• Records from a dataset:

+===+

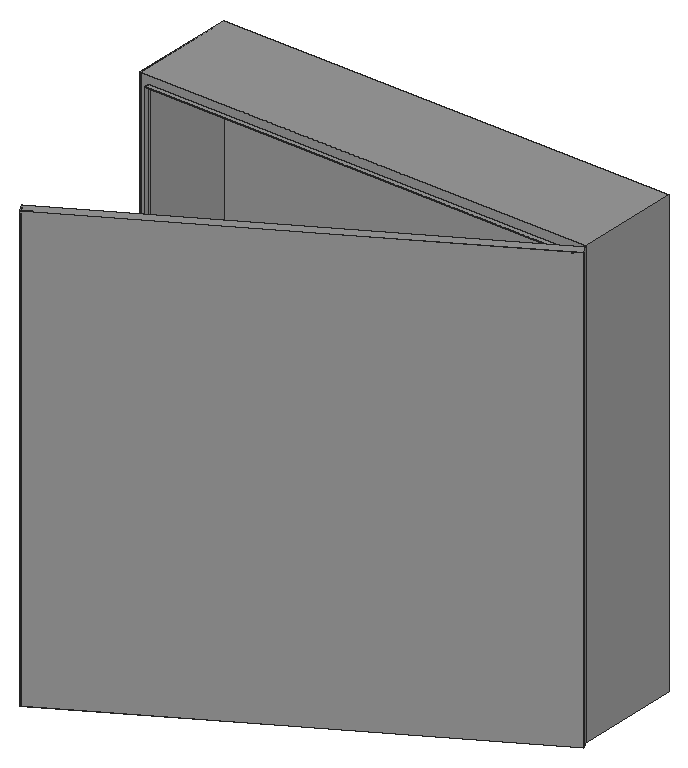
Revit family "Hager-Univers-IP44-D205-H800-Cl.II-Encl-NoHosted-PT-pt", category Electrical Equipment, Revit 2020
Family settings
  Panel Configuration = Two Columns, Circuits Across
  Round Connector Dimension = Use Diameter
  Part Type = Panelboard
  Work Plane-Based = Yes
  Always vertical = Yes
  Cut with Voids When Loaded = No
  Shared = No
  Room Calculation Point = No
Parameters (values of type "Montagem em superfície (gesso) IP44 L800 A800 P205  - FP53SN2")
  Width Control [instance] = if([EF000008 - Largura] > Min Width, [EF000008 - Largura], Min Width)  # 800 mm
  Type Comments = [HG000003 - Gama]  # "Univers"
  Thickness Door [instance] = if([EF009171 - Espessura do material da porta/tampa] > 3 mm, 3 mm, [EF009171 - Espessura do material da porta/tampa])  # 1 mm
  Seal Frame Offset [instance] = 17 mm  # constant formula
  Plinth Visibility [instance] = [HG000027 - Altura da Plinta] > 0 mm  # no
  Min Width [instance] = 100 mm  # constant formula
  Min Depth [instance] = (2 * [EF009170 - Espessura do material do invólucro]) + 1 mm  # 3 mm
  Min Height [instance] = 100 mm  # constant formula
  Internal Frame Depth [instance] = (Door System Depth * 0.5)  # 9 mm
  Panel Name [instance] = ""  # (empty or 0)
  Model = ""
  HG000027 - Altura da Plinta = 0 mm
  HG000026 - Instalação no chão = no
  HG000024 - Altura da secção inferior = 600 mm
  HG000023 - Recinto de secção dupla = no
  HG000016 - Visibilidade da porta 3D [instance] = yes
  HG000015 - Visibilidade através da porta [instance] = no
  HG000014 - Porta à direita [instance] = yes
  HG000013 - Porta à esquerda [instance] = not([HG000014 - Porta à direita])  # no
  HG000012 - Ângulo de abertura de porta [instance] = 30.00°
  HG000010 - Portas assimétricas = no
  HG000009 - Porta dupla = no
  HG000006 - Encastrado = no
  HG000004 - Referência do Fabricante = "FP53SN2"
  HG000003 - Gama = "Univers"
  HG000002 - Com porta ou tampa = yes
  Frame Offset Bottom [instance] = 10 mm  # constant formula
  Frame Offset [instance] = 15 mm  # constant formula
  EF015940 - Tampa com libertação de sobrepressão = no
  EF011959 - Grau de proteção (NEMA) = ""
  EF009554 - Número de aberturas para placas de flange = 6
  EF009212 - Tipo de tampa = "EV000116 - Fechado"
  EF009171 - Espessura do material da porta/tampa = 1 mm
  EF009170 - Espessura do material do invólucro = 1 mm
  EF008873 - Corrente nominal (In) = 250 A
  EF007800 - Adequado para proteção contra raios = no
  EF006306 - Com fecho = no
  EF006244 - Tampa/porta transparente = no
  EF005474 - Grau de proteção (IP) = "EV006418 - IP44"
  EF004464 - Tipo de porta = "EV002646 - Único"
  EF004427 - Número de módulos = 180
  EF004293 - Força de impacto = "EV006815 - IK09"
  EF003532 - Adequado para uso no exterior = no
  EF002950 - Largura em número de módulos = 36
  EF001613 - Integridade do circuito = "EV000494 - Nenhum"
  EF001596 - Material do corpo = "EV000179 - Aço"
  EF001131 - Profundidade interior = 130 mm
  EF001088 - Extensão possível = yes
  EF000437 - Número de entradas de condutores = 6
  EF000339 - Tipo de difusor = "EV004216 - Porta"
  EF000266 - Número de linhas = 5
  EF000218 - Profundidade incorporada = 205 mm
  EF000118 - Com tampa de montagem = no
  EF000116 - Número RAL = "9010"
  EF000049 - Profundidade = 205 mm
  EF000040 - Altura = 800 mm
  EF000008 - Largura = 800 mm
  EF000007 - Cor = "EV000202 - Branco"
  EF000003 - Método de montagem = "EV000384 - Montagem em superfície (gesso)"
  Door System Leaf Tolerance [instance] = 1.5 mm  # constant formula
  Door System Depth [instance] = 18 mm  # constant formula
  Door Height [instance] = Height Control - [HG000027 - Altura da Plinta]  # 800 mm
  Description = ""
  Default Elevation = 1219.2 mm
  Connector Offset [instance] = Height Control / 2  # 400 mm
  Manufacturer = "Hager"  # constant formula
  Height Control [instance] = if([EF000040 - Altura] > Min Height, [EF000040 - Altura], Min Height)  # 800 mm
  Depth Control [instance] = if([EF000049 - Profundidade] > Min Depth, [EF000049 - Profundidade], Min Depth)  # 205 mm
  Bottom Top Plate Trim [instance] = 1.5 mm  # constant formula
  Plinth height Ctrl [instance] = if([HG000027 - Altura da Plinta] > 0 mm, [HG000027 - Altura da Plinta], 12 mm)  # 12 mm
Types (5, lengths in mm): name | Width Control | HG000010 - Portas assimétricas | HG000009 - Porta dupla | HG000004 - Referência do Fabricante | EF009554 - Número de aberturas para placas de flange | EF004464 - Tipo de porta | EF004427 - Número de módulos | EF002950 - Largura em número de módulos | EF000437 - Número de entradas de condutores | EF000339 - Tipo de difusor | EF000008 - Largura
  Montagem em superfície (gesso) IP44 L1050 A800 P205  - FP54SN2 | 1050 | no | yes | "FP54SN2" | 8 | "EV003602 - Duplo" | 240 | 48 | 8 | "EV004216 - Porta" | 1050
  Montagem em superfície (gesso) IP44 L1300 A800 P205  - FP55SN2 | 1300 | yes | yes | "FP55SN2" | 10 | "EV003602 - Duplo" | 300 | 60 | 10 | "EV004216 - Porta" | 1300
  Montagem em superfície (gesso) IP44 L300 A800 P205  - FP51SN2 | 300 | no | no | "FP51SN2" | 2 | "EV002646 - Único" | 60 | 12 | 2 | "EV001012 - Tampa" | 300
  Montagem em superfície (gesso) IP44 L550 A800 P205  - FP52SN2 | 550 | no | no | "FP52SN2" | 4 | "EV002646 - Único" | 120 | 24 | 4 | "EV001012 - Tampa" | 550
  Montagem em superfície (gesso) IP44 L800 A800 P205  - FP53SN2 | 800 | no | no | "FP53SN2" | 6 | "EV002646 - Único" | 180 | 36 | 6 | "EV004216 - Porta" | 800
Reference planes
  plane 1 "Center (Front/Back)": y = 0
  plane 2: z = 0
  plane 3 "Center (Left/Right)": x = 0
  plane 4: y = 0
  plane 5: y = 0
  plane 6: z = 0
  plane 7: x = -400
  plane 8: x = 400
  plane 9: x = 399
  plane 10: x = -399
  plane 11: z = 0
  plane 12: z = 1
  plane 13: y = -205
  plane 14: y = -1
  plane 15: x = 0
  plane 16: y = -187
  plane 17: y = -204
  plane 18: y = -186
  plane 19: x = -384
  plane 20: x = 384
  plane 21: z = 11
  plane 22: x = -383
  plane 23: x = 383
  plane 24: z = 0
  plane 25: z = 800
  plane 26: z = 800
  plane 27: z = 784
  plane 28: z = 799
Forms (mm)
  Extrusion 1, solid, material "Hager_Steel_RAL7035_Light_Grey", detail levels medium+fine
    sketch origin (-208.679, -4572, 0) x (-1, 0, 0) y (0, -1, 0)
      loop
        line (191.321, -4385) -> (-608.679, -4385) -> (-608.679, -4572) -> (191.321, -4572) -> (191.321, -4385)
    from 0 to 800
  Extrusion 2, void
    sketch origin (-350.771, -205, 1219.2) x (1, 0, 0) y (0, 0, 1)
      loop
        line (-48.229, -420.2) -> (-48.229, -1218.2) -> (749.771, -1218.2) -> (749.771, -420.2) -> (-48.229, -420.2)
    from -19 to -204
  Extrusion 3, void
    sketch origin (-290.084, -187, 1219.2) x (1, 0, 0) y (0, 0, 1)
      loop
        line (-93.916, -1208.2) -> (674.084, -1208.2) -> (674.084, -435.2) -> (-93.916, -435.2) -> (-93.916, -1208.2)
    from 0 to -1
  Extrusion 4, solid, material "Hager_Steel_RAL7035_Light_Grey", visible <- "Plinth Visibility", detail levels medium+fine
    sketch origin (0, 0, 0) x (1, 0, 0) y (0, 1, 0)
      loop
        line (-400, 0) -> (-400, -187) -> (400, -187) -> (400, 0) -> (-400, 0)
    from 0 to 12 <- "Plinth height Ctrl"
  Extrusion 5, solid, material "Hager_Steel_RAL7035_Light_Grey", detail levels coarse
    sketch origin (0, 0, 0) x (1, 0, 0) y (0, 1, 0)
      loop
        line (-400, 0) -> (-400, -205) -> (400, -205) -> (400, 0) -> (-400, 0)
    from 0 to 800 <- "Height Control"
  Sweep 6, void
    path in 3D
      loop
        line (-400, -187, 12) -> (400, -187, 12) -> (400, 0, 12) -> (-400, 0, 12) -> (-400, -187, 12)
    profile origin (-400, -93.5, 12) x (1, 0, 0) y (0, 0, 1)
      loop
        line (0, 0) -> (0, -1.5) -> (1.5, -1.5)
        arc (1.5, -1.5) -> (1.061, -0.439) -> (0, 0) r 1.5
  Extrusion 7, solid, material "Hager_Steel_RAL7035_Light_Grey", detail levels fine
    sketch origin (-400, -187, 0) x (1, 0, 0) y (0, 0, 1)
      loop
        line (16, 11) -> (784, 11) -> (784, 784) -> (16, 784) -> (16, 11)
      loop
        line (15, 10) -> (785, 10) -> (785, 785) -> (15, 785) -> (15, 10)
    from 0 to 9 <- "Internal Frame Depth"
Cuts and joins
  Extrusion 2, Extrusion 3 cuts Extrusion 1
  Sweep 6 cuts Extrusion 4
Lines and regions (mm)
  Masking region 1
    outline origin (0, 0, 0) x (1, 0, 0) y (0, 1, 0)
      loop
        line (-400, 0) -> (-400, -205) -> (400, -205) -> (400, 0) -> (-400, 0)
  Masking region 2, detail levels coarse
    outline origin (-290.084, -187, 1219.2) x (-1, 0, 0) y (0, 0, 1)
      loop
        line (-690.084, -1219.2) -> (109.916, -1219.2) -> (109.916, -419.2) -> (-690.084, -419.2) -> (-690.084, -1219.2)
  Masking region 3, detail levels coarse
    outline origin (0, 0, 0) x (0, 1, 0) y (0, 0, 1)
      loop
        line (0, 0) -> (0, 800) -> (-205, 800) -> (-205, 0) -> (0, 0)
  Masking region 4, visible <- "Plinth Visibility", detail levels medium+fine
    outline origin (0, 0, 0) x (0, 1, 0) y (0, 0, 1)
      loop
        line (-1.5, 12) -> (-185.5, 12)
        arc (-185.5, 12) -> (-185.939, 10.939) -> (-187, 10.5) r 1.5
        line (-187, 10.5) -> (-187, 0) -> (0, 0) -> (0, 10.5)
        arc (0, 10.5) -> (-1.061, 10.939) -> (-1.5, 12) r 1.5
  Masking region 5, detail levels medium+fine
    outline origin (0, 0, 594.038) x (0, 1, 0) y (0, 0, 1)
      loop
        line (0, -594.038) -> (0, 205.962) -> (-187, 205.962) -> (-187, -594.038) -> (0, -594.038)
  Masking region 6, detail levels medium+fine
    outline origin (-359.7, -187, 1211.883) x (-1, 0, 0) y (0, 0, 1)
      loop
        line (-759.7, -1211.883) -> (40.3, -1211.883) -> (40.3, -411.883) -> (-759.7, -411.883) -> (-759.7, -1211.883)
  Masking region 7, visible <- "Plinth Visibility", detail levels medium+fine
    outline origin (-320.334, -187, 1041.368) x (-1, 0, 0) y (0, 0, 1)
      loop
        line (-720.334, -1041.368) -> (79.666, -1041.368) -> (79.666, -1030.868)
        arc (79.666, -1030.868) -> (78.606, -1030.429) -> (78.166, -1029.368) r 1.5
        line (78.166, -1029.368) -> (-718.834, -1029.368)
        arc (-718.834, -1029.368) -> (-719.273, -1030.429) -> (-720.334, -1030.868) r 1.5
        line (-720.334, -1030.868) -> (-720.334, -1041.368)
  sketch lines
    curve 1: line (-400, 0, 12) -> (-400, -187, 12)
    curve 2: line (-400, -187, 12) -> (400, -187, 12)
    curve 3: line (400, 0, 12) -> (-400, 0, 12)
    curve 4: line (400, -187, 12) -> (400, 0, 12)
Dimensions and locks
  locked: plane 1 "Center (Front/Back)" to plane 5
  "EF009170 - Espessura do material do invólucro": plane 7 to plane 10
  "EF009170 - Espessura do material do invólucro": plane 8 to plane 9
  equal spacing: plane 7, plane 3 "Center (Left/Right)", plane 8
  "Width Control": plane 7 to plane 8
  "Depth Control": plane 4 to plane 13
  "EF009170 - Espessura do material do invólucro": plane 4 to plane 14
  "Height Control": plane 25 to level
  "HG000027 - Altura da Plinta": plane 11 to level
  "EF009170 - Espessura do material do invólucro": plane 12 to plane 11
  "EF009170 - Espessura do material do invólucro": plane 17 to plane 13
  "EF009170 - Espessura do material do invólucro": plane 18 to plane 16
  "Frame Offset Bottom": plane 21 to plane 12
  "Frame Offset": plane 10 to plane 19
  "Frame Offset": plane 9 to plane 20
  "Door System Depth": plane 16 to plane 13
  "Seal Frame Offset": plane 7 to plane 22
  "Seal Frame Offset": plane 8 to plane 23
  "EF009170 - Espessura do material do invólucro": plane 26 to plane 28
  "Frame Offset": plane 28 to plane 27
  "Connector Offset": plane 2 to connector elem
  "Bottom Top Plate Trim": profile plane to Sweep 6 sketch curve
  "Bottom Top Plate Trim": Sweep 6 sketch curve to Sweep 6 sketch curve
  "Plinth height Ctrl": Masking region 4 sketch curve to level
  "Plinth height Ctrl": Masking region 7 sketch curve to level
  "Thickness Door": Extrusion 7 sketch curve to Extrusion 7 sketch curve  (x4)
  "Bottom Top Plate Trim": radius of Sweep 6 sketch curve
  "Bottom Top Plate Trim": radius of Masking region 4 sketch curve  (x2)
  "Bottom Top Plate Trim": radius of Masking region 7 sketch curve  (x2)
  aligned and locked: Extrusion 2 sketch curve to plane 12
  aligned and locked: Extrusion 2 sketch curve to plane 9
  aligned and locked: Extrusion 2 sketch curve to plane 10
  aligned and locked: Extrusion 2 to plane 14
  aligned and locked: Extrusion 1 sketch curve to plane 4
  aligned and locked: plane 8 to Extrusion 1 sketch curve
  aligned and locked: plane 7 to Extrusion 1 sketch curve
  aligned and locked: Extrusion 2 to plane 18
  aligned and locked: Extrusion 3 sketch curve to plane 19
  aligned and locked: plane 20 to Extrusion 3 sketch curve
  aligned and locked: Extrusion 3 to Extrusion 2
  aligned and locked: Extrusion 3 sketch curve to plane 21
  aligned and locked: plane 3 "Center (Left/Right)" to nested 1
  aligned and locked: Extrusion 1 sketch curve to plane 16
  aligned and locked: Extrusion 4 sketch curve to cut or joined group of Extrusion 1, Extrusion 2, Extrusion 3
  aligned and locked: Masking region 1 sketch curve to plane 7
  aligned and locked: Masking region 1 sketch curve to plane 5
  aligned and locked: Masking region 1 sketch curve to plane 8
  aligned and locked: Masking region 2 sketch curve to level
  aligned and locked: level to Masking region 3 sketch curve
  aligned and locked: plane 1 "Center (Front/Back)" to Masking region 3 sketch curve
  aligned and locked: plane 13 to Masking region 3 sketch curve
  aligned and locked: plane 5 to Masking region 4 sketch curve
  aligned and locked: Masking region 2 sketch curve to plane 8
  aligned and locked: Masking region 2 sketch curve to plane 7
  aligned and locked: plane 7 to nested 2
  aligned and locked: nested 2 to plane 5
  aligned and locked: plane 5 to Masking region 5 sketch curve
  aligned and locked: plane 26 to Masking region 5 sketch curve
  aligned and locked: Extrusion 5 sketch curve to plane 8
  aligned and locked: Extrusion 5 sketch curve to plane 7
  aligned and locked: Extrusion 5 sketch curve to plane 5
  aligned and locked: Extrusion 3 sketch curve to plane 27
  aligned and locked: Extrusion 2 sketch curve to plane 28
  aligned and locked: Masking region 2 to plane 25
  aligned and locked: Extrusion 4 to plane 16
  aligned and locked: profile plane to Sweep 6 sketch curve
  aligned and locked: Masking region 5 sketch curve to plane 24
  aligned and locked: level to Masking region 4 sketch curve
  aligned and locked: Masking region 1 to plane 13
  aligned and locked: nested 1 to plane 16
  aligned and locked: Masking region 3 to plane 25
  aligned and locked: plane 16 to Masking region 4 sketch curve
  aligned and locked: Masking region 5 sketch curve to plane 16
  aligned and locked: plane 24 to plane 11
  aligned and locked: plane 26 to plane 25
  aligned and locked: plane 26 to cut or joined group of Extrusion 1, Extrusion 2, Extrusion 3
  aligned and locked: nested 1 to plane 24
  aligned and locked: Extrusion 1 to Extrusion 3
  aligned and locked: Masking region 6 sketch curve to plane 8
  aligned and locked: Masking region 6 sketch curve to plane 24
  aligned and locked: Masking region 6 sketch curve to plane 7
  aligned and locked: Masking region 6 sketch curve to plane 26
  aligned and locked: Masking region 7 sketch curve to plane 7
  aligned and locked: level to Masking region 7 sketch curve
  aligned and locked: Masking region 7 sketch curve to plane 8
  aligned and locked: Extrusion 7 sketch curve to cut or joined group of Extrusion 1, Extrusion 2, Extrusion 3  (x4)
Automatic sketch dimensions
  plane 19 to Extrusion 3 sketch curve = 0 mm
  Extrusion 3 sketch curve to plane 20 = 0 mm
  Extrusion 3 sketch curve to plane 21 = 0 mm
  Extrusion 4 sketch curve to plane 7 = 0 mm
  Extrusion 4 sketch curve to plane 8 = 0 mm
  Extrusion 4 sketch curve to plane 16 = 0 mm
  Masking region 1 sketch curve to plane 13 = 0 mm
  Masking region 2 sketch curve to plane 25 = 0 mm
  Masking region 3 sketch curve to plane 25 = 0 mm
  Extrusion 5 sketch curve to plane 13 = 0 mm
  profile plane to Sweep 6 sketch curve = 0 mm
Nested families
  nested 1: "EC000058_Univers_Door" at (0, -187, 0), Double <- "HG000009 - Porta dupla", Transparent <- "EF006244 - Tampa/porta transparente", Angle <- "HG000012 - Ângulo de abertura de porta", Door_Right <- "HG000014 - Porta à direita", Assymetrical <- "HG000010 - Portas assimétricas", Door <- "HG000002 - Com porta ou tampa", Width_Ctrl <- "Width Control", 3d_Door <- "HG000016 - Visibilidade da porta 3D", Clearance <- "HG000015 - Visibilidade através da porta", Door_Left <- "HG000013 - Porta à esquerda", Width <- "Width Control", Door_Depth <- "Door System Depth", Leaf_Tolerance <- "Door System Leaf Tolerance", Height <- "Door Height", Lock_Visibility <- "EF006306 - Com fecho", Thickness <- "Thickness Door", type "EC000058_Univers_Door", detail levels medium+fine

+===+

• Exercise: Could you restate word for word the lines above from the one containing "HG000027 - Altura da Plinta = 0 mm" through the one containing "HG000013 - Porta à esquerda [instance]", both included, and nothing else?

• Exercise answer:
  HG000027 - Altura da Plinta = 0 mm
  HG000026 - Instalação no chão = no
  HG000024 - Altura da secção inferior = 600 mm
  HG000023 - Recinto de secção dupla = no
  HG000016 - Visibilidade da porta 3D [instance] = yes
  HG000015 - Visibilidade através da porta [instance] = no
  HG000014 - Porta à direita [instance] = yes
  HG000013 - Porta à esquerda [instance] = not([HG000014 - Porta à direita])  # no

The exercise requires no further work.